DATA PROVIDED »
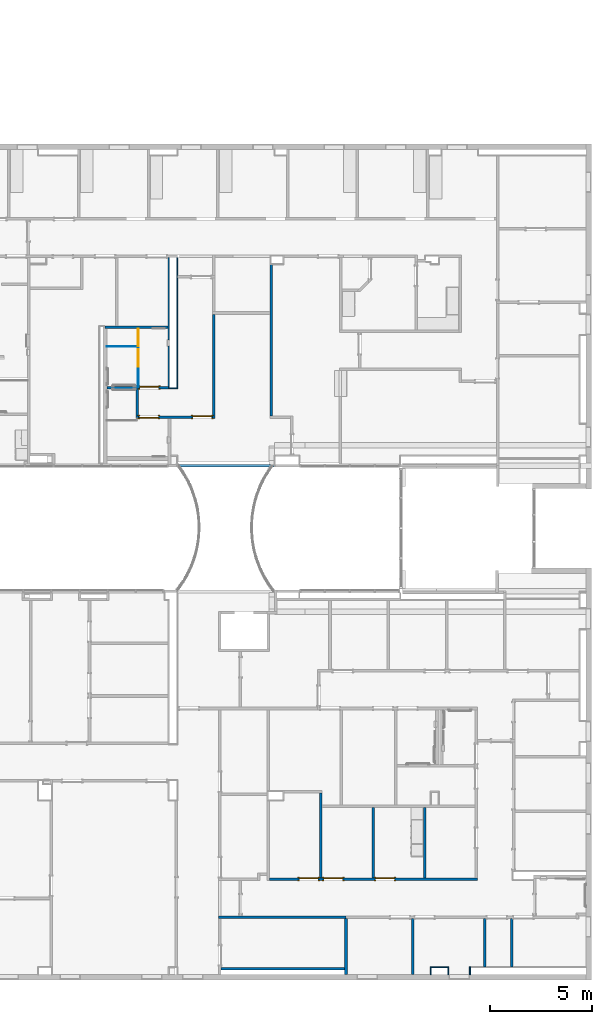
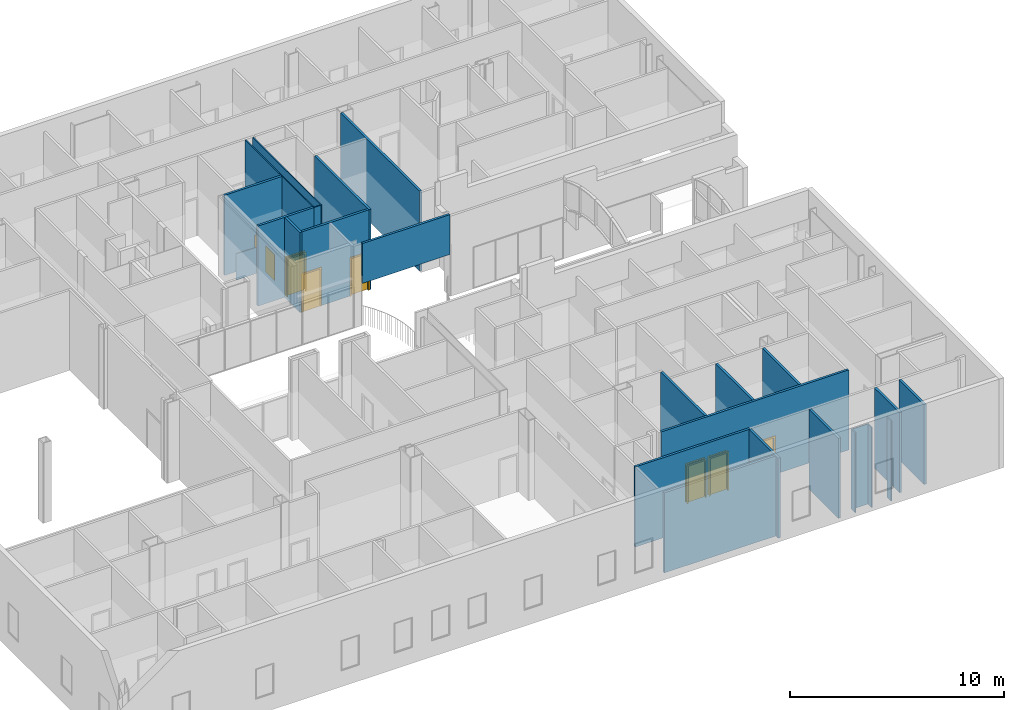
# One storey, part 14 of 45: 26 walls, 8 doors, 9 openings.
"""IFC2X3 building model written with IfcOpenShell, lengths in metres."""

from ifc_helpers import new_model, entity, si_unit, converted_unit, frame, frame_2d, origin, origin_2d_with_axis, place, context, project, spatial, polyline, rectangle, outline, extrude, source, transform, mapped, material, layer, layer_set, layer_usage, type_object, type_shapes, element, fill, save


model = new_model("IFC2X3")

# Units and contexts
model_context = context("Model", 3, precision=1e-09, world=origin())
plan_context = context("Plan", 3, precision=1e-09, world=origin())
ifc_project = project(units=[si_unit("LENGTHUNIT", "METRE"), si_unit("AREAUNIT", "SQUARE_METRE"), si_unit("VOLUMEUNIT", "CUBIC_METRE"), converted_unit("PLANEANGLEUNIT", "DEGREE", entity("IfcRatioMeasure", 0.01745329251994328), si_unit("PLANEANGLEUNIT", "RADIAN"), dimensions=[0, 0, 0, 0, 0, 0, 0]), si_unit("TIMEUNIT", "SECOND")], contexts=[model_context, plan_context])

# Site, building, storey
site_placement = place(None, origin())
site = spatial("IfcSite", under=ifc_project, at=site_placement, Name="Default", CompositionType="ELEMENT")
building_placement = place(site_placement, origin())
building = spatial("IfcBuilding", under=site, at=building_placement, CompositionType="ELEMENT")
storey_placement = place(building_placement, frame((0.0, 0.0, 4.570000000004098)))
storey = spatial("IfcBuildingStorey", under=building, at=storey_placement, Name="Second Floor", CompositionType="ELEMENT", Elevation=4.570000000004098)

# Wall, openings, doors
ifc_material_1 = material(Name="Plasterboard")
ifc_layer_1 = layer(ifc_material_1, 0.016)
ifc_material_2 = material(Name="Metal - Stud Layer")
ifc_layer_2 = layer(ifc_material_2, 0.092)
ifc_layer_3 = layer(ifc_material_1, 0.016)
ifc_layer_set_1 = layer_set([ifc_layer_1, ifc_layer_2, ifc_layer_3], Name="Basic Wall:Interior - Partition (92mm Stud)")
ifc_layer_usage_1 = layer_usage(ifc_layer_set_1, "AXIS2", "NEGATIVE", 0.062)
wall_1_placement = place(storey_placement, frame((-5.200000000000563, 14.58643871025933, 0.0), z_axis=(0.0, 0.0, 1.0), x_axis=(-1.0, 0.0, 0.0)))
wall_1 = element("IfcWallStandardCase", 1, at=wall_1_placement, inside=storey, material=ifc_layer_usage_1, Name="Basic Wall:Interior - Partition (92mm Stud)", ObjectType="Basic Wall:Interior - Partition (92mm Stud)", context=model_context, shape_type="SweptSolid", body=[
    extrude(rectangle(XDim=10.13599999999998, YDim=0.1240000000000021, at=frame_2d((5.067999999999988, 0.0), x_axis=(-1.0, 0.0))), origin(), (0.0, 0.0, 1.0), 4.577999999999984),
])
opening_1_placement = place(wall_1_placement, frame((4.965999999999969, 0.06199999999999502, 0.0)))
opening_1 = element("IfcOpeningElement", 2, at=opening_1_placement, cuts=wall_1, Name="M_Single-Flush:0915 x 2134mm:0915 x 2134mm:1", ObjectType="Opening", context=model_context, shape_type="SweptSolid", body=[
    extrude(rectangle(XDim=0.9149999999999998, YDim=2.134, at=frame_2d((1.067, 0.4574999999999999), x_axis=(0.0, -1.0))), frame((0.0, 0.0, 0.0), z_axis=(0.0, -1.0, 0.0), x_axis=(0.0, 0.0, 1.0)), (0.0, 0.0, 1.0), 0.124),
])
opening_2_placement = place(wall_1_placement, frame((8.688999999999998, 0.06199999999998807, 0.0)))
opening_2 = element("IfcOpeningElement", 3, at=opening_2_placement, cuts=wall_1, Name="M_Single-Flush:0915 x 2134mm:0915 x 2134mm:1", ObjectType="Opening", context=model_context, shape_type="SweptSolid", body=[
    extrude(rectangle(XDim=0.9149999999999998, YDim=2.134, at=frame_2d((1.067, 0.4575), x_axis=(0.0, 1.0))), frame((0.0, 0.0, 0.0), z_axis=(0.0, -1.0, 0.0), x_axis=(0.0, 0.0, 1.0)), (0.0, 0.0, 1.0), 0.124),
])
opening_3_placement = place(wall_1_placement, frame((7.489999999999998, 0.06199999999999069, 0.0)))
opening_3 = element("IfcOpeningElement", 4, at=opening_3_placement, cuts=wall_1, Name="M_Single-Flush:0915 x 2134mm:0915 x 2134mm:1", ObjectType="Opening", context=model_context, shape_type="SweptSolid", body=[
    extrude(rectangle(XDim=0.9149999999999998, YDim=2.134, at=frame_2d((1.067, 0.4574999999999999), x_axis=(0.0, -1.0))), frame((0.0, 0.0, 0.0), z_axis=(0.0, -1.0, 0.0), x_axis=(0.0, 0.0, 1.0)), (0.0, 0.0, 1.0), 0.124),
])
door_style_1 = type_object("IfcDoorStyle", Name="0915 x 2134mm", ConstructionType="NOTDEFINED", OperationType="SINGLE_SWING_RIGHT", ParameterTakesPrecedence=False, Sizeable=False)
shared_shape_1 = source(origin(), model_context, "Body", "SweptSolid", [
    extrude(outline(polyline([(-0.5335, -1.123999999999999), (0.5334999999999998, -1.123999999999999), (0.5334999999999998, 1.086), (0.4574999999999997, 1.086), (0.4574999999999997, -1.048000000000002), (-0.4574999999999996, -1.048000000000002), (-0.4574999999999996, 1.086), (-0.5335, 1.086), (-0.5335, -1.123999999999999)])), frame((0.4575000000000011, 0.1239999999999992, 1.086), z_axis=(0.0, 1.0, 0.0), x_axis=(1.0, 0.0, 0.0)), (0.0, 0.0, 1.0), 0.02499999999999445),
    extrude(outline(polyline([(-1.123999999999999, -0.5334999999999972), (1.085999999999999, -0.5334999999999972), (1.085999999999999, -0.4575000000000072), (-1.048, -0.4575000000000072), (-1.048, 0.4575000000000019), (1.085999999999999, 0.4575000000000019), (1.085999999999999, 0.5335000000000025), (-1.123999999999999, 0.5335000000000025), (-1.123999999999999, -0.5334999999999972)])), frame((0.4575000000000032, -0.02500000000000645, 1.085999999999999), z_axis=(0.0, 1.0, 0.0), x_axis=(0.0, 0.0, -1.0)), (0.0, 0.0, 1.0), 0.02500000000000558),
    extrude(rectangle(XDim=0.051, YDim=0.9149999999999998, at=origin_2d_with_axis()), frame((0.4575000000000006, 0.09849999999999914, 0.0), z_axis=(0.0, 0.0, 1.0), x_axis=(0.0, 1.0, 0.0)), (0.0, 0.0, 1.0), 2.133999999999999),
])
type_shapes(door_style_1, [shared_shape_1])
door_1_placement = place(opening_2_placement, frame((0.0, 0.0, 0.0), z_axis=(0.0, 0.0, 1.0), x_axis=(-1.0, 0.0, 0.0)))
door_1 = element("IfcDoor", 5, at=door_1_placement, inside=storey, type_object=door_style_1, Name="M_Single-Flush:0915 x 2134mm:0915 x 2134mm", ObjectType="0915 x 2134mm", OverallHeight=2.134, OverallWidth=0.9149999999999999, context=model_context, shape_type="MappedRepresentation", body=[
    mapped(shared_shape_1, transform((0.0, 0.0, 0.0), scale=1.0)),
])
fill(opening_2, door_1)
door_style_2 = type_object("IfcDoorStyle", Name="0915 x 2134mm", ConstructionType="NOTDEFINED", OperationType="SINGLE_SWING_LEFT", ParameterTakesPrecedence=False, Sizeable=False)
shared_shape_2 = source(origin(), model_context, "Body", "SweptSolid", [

EXERCISE » Bring together each line above where the string "ConstructionType" turns up.

REPLY TO THE EXERCISE »
door_style_1 = type_object("IfcDoorStyle", Name="0915 x 2134mm", ConstructionType="NOTDEFINED", OperationType="SINGLE_SWING_RIGHT", ParameterTakesPrecedence=False, Sizeable=False)
door_style_2 = type_object("IfcDoorStyle", Name="0915 x 2134mm", ConstructionType="NOTDEFINED", OperationType="SINGLE_SWING_LEFT", ParameterTakesPrecedence=False, Sizeable=False)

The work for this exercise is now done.